# Naruto Forums Pilot Pokemon Tournament



## Yung Dio (Jan 5, 2018)

Hey everyone.
Some time ago, I posted a thread seeing if anyone would be interested if I were to host a series of Pokemon tournaments ().

I will explain how these tournaments will go:
Every battle will take place on the Pokemon Showdown simulator (). a) it records battles which can be linked onto the forum; b) it allows for accessibility to those who may not have the games but still want to play and c) it's quicker for people to team-build.
I will be holding leaderboards to make this a bit more competitive. Prizes may be included once the 1st actual tournament starts (think of this one as a dummy one to see how things go).

Now for the actual tournament 
For this tournament, as it is a pilot tour, we will be playing Battle Factory. For those that do not know what that is, Pokemon Showdown randomises the players' teams, balances them and gives them viable movesets. I would do random battles but I thought this would be more fair . This will be a single elimination tournament. There will be a third place play-off.

Players: 
*Spoiler*: __ 




1. @Yung Dio
2. @Priscilla
3. @Charlotte D. Kurisu
4. @Packard
5. @Haruka Katana  (i love your name)
6. @Serene Grace
7. @Alaude
8. @Aduro 
9. @Atlantic Storm




Round 1 replays:
*Spoiler*: __ 




Charlotte D. Kurisu vs Packard: 




Tagging players that showed interest: @White Wolf @Nep Nep @Baba @Charlotte D. Kurisu @Utopia Realm @Zatch Braff @Pandamonium

If you would like to join, comment down below and I will add you to the player list and then decide who plays who.

Reactions: Friendly 2


----------



## Katou (Jan 5, 2018)

I'll join...as long as there's a rule about us using only Gen 1-4 Pokemon and Poke Moves

Reactions: Like 1


----------



## Haruka Katana (Jan 5, 2018)

I'm not sure if I want to join but I'll summon people that plays this.

@Blu-ray @Hussain @Packard

Reactions: Informative 1 | Useful 2


----------



## Baba (Jan 5, 2018)

I'm not good at making teams

Reactions: Funny 1 | Friendly 1


----------



## Katou (Jan 5, 2018)

also .. can we ban Legendary?


----------



## Haruka Katana (Jan 5, 2018)

Yung Dio said:


> I would do  but I thought this would be more fair . This will be a single elimination tournament. There will be a third place play-off.
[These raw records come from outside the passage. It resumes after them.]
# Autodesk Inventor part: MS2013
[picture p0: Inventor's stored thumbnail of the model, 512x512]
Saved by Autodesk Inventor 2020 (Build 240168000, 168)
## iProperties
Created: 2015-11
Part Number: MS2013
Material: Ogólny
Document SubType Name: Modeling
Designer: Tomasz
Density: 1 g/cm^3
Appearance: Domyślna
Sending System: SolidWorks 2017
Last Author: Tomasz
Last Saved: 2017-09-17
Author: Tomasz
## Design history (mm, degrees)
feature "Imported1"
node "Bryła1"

when you do random battles do you mean we use randomized teams or we have to make a pokemon team?


----------



## Yung Dio (Jan 5, 2018)

Priscilla said:


> also .. can we ban Legendary?


Battle Factory means they randomise the teams but they balance them and make them fair, so you're not gonna see Lugia's and Kyogre's running around.


Haruka Katana said:


> when you do random battles do you mean we use randomized teams or we have to make a pokemon team?


We're gonna be using teams randomised by Pokemon Showdown.


----------



## Trojan (Jan 5, 2018)

I set all of my teams for "anything goes". Don't like the restrictions. Most of my teams do not have legendaries tho as I prefer not to use them as much as I could. 

Also, what type of battles are they going to be? Singles, doubles, or triples?


----------



## Katou (Jan 5, 2018)

i like it...random and no legendary..


----------



## Yung Dio (Jan 5, 2018)

Hussain said:


> I set all of my teams for "anything goes". Don't like the restrictions. Most of my teams do not have legendaries tho as I prefer not to use them as much as I could.
> 
> Also, what type of battles are they going to be? Singles, doubles, or triples?


Singles


----------



## Nep Nep (Jan 5, 2018)

Gonna pass on this one.

I battle because I like testing my teams.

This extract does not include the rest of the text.